● **EXERCISE OBJECTIVE**:
Locate the word "ELLIPSE" in the entries below, then gather every line that holds it.

[[ RECORDED INFORMATION open ]]

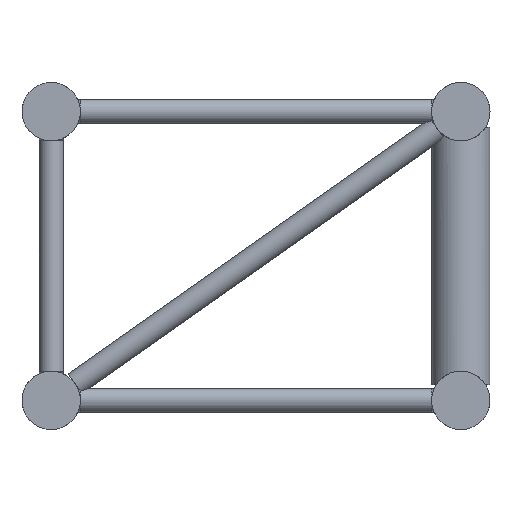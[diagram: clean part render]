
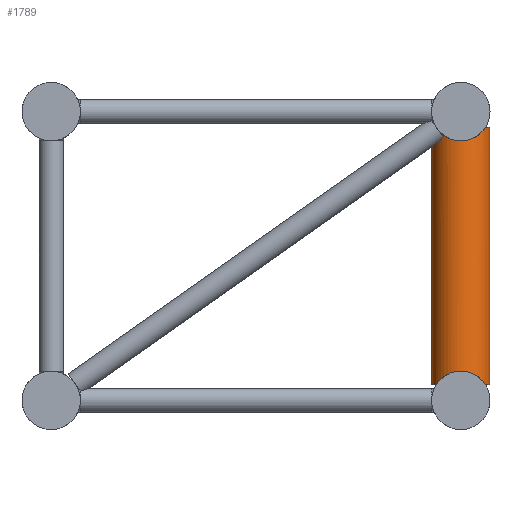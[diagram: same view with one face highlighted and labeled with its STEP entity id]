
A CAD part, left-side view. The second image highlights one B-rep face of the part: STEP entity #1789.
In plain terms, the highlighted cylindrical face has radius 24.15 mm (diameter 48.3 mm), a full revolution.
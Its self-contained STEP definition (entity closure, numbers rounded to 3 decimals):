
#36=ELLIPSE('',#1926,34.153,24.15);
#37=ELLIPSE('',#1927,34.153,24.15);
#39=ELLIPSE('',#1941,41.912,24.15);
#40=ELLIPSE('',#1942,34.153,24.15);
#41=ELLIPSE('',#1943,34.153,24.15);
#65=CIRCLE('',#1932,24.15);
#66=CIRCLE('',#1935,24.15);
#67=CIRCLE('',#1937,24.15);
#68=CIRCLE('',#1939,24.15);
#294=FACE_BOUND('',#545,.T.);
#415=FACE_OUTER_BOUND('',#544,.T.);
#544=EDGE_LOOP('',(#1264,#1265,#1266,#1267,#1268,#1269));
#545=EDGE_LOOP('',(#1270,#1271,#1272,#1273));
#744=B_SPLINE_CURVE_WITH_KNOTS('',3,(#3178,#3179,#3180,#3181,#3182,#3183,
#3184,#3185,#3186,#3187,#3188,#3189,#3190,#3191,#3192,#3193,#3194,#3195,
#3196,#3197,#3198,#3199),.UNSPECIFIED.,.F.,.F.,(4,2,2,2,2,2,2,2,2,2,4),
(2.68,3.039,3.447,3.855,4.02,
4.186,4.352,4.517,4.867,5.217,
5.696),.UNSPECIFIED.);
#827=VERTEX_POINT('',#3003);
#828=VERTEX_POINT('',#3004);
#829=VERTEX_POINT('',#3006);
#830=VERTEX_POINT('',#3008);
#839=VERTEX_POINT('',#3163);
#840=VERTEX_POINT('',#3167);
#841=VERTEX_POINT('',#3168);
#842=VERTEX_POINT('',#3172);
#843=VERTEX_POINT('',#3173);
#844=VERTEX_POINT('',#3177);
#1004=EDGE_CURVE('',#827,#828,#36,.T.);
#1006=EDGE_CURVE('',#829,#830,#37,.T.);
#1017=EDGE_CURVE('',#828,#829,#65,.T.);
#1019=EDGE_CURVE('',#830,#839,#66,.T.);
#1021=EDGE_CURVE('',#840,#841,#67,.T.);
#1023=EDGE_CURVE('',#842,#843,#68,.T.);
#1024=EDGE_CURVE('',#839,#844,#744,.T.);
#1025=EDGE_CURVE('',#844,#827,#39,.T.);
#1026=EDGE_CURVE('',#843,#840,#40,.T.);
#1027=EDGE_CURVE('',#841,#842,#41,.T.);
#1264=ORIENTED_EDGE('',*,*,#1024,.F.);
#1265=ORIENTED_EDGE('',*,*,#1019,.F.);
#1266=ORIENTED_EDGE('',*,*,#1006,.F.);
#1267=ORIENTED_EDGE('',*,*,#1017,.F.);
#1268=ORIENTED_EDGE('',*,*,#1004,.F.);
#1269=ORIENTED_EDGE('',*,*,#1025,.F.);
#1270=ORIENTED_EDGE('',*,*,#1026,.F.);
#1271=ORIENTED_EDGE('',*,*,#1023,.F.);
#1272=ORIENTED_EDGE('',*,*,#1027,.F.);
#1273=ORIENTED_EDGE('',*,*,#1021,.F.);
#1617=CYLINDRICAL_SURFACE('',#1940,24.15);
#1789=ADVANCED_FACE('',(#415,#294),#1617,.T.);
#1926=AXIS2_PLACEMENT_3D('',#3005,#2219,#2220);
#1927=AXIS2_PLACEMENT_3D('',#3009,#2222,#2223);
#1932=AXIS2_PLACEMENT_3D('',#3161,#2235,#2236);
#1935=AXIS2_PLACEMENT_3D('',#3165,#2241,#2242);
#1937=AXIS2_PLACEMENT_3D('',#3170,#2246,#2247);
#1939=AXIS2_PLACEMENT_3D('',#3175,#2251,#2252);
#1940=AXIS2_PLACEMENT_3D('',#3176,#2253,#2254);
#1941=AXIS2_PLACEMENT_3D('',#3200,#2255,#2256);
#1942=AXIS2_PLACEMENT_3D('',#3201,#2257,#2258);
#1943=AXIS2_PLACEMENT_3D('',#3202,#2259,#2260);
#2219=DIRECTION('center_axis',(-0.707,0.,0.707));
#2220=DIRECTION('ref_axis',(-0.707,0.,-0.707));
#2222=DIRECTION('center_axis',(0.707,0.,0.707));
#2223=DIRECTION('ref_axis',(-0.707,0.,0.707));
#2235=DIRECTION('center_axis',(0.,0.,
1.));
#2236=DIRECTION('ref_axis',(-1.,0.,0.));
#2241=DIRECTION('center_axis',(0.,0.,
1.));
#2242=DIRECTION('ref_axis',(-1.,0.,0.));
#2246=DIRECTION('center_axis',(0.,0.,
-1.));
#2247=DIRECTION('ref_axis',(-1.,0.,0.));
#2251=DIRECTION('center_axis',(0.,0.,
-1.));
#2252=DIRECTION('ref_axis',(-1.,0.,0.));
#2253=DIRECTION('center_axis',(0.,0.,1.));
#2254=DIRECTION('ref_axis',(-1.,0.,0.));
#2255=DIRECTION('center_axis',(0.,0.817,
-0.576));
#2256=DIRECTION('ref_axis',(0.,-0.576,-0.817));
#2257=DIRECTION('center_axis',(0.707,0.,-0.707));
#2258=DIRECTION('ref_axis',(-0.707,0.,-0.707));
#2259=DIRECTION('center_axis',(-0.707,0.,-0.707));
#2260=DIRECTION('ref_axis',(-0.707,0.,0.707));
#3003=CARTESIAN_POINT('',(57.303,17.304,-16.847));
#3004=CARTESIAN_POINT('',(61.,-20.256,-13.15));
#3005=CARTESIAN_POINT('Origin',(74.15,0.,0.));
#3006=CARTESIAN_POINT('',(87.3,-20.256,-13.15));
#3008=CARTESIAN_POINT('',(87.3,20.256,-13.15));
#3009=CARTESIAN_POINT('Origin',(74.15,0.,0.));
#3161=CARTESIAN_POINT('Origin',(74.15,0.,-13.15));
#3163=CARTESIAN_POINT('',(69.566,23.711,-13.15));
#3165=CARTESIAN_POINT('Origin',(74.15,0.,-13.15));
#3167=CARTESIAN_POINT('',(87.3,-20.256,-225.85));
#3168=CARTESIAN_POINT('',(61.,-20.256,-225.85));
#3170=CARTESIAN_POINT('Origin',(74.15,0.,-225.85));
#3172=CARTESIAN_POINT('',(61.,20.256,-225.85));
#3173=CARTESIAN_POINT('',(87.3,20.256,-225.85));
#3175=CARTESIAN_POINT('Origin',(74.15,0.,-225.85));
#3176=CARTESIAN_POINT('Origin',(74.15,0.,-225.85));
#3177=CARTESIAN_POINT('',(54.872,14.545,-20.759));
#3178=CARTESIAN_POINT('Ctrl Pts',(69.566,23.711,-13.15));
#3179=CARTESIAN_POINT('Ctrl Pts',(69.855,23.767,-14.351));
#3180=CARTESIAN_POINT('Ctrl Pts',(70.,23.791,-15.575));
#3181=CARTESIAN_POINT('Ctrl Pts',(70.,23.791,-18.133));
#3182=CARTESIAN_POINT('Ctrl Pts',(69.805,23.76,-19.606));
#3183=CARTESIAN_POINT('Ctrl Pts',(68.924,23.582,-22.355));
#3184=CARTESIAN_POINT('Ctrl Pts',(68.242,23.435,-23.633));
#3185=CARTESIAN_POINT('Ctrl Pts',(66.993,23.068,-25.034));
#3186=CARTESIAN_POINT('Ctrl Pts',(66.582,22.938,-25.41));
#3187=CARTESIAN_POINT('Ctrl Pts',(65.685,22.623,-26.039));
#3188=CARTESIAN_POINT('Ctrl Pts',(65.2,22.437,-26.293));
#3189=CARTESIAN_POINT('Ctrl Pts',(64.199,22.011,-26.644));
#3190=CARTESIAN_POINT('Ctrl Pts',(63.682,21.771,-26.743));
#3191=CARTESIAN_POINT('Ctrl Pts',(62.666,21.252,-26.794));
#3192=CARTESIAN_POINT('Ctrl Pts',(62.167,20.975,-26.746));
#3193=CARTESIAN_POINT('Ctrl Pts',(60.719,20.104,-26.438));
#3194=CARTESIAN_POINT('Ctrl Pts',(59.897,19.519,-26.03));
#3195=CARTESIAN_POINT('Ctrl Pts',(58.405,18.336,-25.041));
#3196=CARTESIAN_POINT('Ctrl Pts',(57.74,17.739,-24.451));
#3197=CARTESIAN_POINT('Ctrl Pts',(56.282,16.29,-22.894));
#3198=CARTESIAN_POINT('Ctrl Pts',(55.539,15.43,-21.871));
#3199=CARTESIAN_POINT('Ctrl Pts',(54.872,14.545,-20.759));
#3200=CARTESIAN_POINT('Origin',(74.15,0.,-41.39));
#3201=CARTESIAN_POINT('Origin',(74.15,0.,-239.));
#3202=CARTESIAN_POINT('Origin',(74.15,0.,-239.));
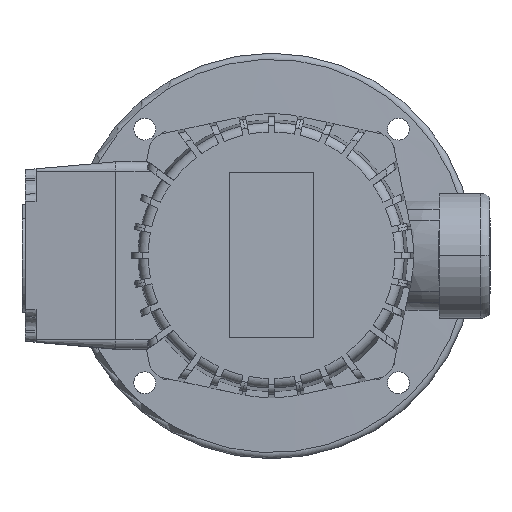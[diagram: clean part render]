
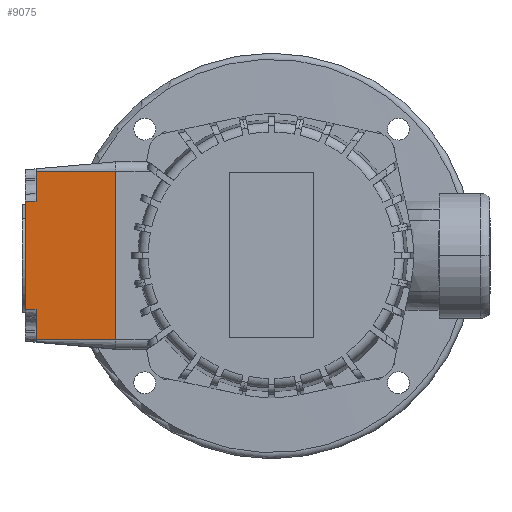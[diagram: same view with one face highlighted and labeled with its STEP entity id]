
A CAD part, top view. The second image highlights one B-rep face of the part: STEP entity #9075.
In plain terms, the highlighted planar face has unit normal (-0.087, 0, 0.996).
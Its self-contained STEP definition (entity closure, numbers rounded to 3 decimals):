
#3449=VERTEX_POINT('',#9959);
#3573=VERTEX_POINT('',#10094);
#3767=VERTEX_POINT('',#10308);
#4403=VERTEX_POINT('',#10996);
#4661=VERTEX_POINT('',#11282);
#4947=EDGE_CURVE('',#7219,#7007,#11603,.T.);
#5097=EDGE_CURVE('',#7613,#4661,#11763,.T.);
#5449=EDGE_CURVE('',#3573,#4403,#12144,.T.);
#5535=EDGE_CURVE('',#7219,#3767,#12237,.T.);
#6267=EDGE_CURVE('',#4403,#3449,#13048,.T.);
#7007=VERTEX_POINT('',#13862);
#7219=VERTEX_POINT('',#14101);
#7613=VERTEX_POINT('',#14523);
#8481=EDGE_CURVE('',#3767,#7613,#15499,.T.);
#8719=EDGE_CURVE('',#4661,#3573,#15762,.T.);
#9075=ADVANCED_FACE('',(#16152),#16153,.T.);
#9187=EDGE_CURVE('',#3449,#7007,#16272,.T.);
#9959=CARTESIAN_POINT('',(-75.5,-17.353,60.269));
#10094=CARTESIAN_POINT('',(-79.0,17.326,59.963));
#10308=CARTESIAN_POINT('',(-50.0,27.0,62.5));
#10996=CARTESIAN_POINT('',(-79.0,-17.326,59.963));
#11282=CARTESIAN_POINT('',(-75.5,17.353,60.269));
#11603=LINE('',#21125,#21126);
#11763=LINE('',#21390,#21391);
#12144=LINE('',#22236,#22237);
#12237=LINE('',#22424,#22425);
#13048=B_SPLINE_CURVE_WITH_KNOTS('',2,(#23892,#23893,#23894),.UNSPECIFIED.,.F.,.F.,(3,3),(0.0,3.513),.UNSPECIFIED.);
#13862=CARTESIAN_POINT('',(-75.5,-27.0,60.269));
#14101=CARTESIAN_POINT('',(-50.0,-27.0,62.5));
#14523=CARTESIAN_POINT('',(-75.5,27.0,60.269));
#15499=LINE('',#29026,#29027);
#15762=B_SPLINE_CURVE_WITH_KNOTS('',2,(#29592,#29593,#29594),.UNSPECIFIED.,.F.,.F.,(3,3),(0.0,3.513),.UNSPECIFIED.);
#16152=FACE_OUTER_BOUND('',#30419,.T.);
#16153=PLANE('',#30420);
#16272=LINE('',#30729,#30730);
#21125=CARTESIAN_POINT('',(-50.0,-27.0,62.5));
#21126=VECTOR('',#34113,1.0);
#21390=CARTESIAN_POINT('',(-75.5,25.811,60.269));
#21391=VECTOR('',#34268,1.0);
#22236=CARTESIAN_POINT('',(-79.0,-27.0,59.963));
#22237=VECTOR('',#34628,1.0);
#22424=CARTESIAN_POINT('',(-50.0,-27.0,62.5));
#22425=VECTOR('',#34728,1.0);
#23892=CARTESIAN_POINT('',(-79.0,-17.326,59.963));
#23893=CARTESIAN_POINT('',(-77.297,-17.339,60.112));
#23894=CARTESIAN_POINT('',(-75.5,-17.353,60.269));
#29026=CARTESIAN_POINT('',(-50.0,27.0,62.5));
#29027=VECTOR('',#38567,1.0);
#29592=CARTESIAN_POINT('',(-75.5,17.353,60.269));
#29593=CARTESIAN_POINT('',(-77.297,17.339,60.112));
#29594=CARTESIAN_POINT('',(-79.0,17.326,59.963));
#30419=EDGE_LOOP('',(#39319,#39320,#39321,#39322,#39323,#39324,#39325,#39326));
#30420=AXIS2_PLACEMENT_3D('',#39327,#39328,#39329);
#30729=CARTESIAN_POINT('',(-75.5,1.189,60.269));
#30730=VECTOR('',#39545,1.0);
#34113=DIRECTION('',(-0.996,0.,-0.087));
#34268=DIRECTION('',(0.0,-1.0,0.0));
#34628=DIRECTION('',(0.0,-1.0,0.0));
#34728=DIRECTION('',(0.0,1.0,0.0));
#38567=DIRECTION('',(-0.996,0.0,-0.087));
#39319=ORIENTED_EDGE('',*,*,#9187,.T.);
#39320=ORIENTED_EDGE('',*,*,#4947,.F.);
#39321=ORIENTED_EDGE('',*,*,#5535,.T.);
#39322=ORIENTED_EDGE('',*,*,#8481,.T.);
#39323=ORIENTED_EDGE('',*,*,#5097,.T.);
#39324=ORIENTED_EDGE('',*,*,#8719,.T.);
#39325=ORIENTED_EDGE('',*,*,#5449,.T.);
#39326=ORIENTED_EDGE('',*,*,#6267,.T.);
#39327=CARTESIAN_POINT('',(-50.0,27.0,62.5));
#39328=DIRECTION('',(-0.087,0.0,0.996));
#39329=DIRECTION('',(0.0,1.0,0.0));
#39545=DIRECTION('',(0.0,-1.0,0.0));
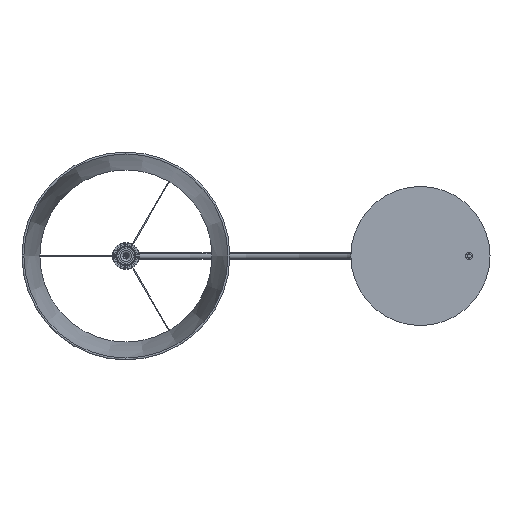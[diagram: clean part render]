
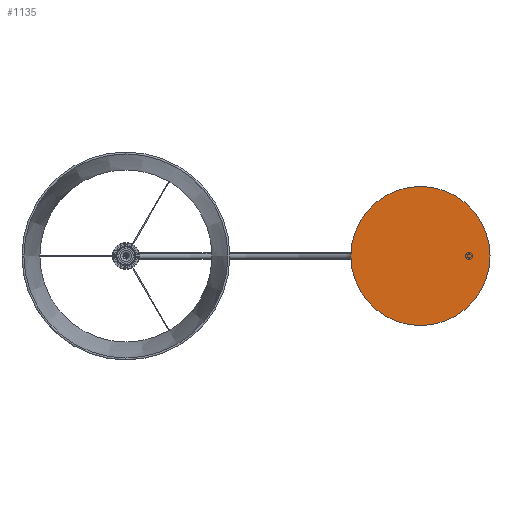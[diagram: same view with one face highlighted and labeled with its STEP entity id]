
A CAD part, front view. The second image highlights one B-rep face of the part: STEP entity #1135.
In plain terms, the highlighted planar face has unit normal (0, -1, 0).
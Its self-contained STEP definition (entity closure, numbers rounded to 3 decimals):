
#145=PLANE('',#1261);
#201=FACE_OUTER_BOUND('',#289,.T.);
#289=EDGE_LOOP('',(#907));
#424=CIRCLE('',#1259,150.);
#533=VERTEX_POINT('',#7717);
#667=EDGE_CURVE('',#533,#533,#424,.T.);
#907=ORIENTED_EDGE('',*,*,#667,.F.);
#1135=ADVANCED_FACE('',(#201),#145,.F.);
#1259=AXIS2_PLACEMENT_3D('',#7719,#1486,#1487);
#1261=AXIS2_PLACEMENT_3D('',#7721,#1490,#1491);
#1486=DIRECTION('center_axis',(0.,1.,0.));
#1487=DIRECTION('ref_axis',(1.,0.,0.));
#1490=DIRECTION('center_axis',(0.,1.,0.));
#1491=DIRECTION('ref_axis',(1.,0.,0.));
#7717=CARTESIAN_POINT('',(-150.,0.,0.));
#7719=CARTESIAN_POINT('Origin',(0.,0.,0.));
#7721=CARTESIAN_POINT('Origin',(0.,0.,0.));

[[ RECORDED INFORMATION closed ]]

● **ANSWER BOX**:
#36=ELLIPSE('',#1926,34.153,24.15);
#37=ELLIPSE('',#1927,34.153,24.15);
#39=ELLIPSE('',#1941,41.912,24.15);
#40=ELLIPSE('',#1942,34.153,24.15);
#41=ELLIPSE('',#1943,34.153,24.15);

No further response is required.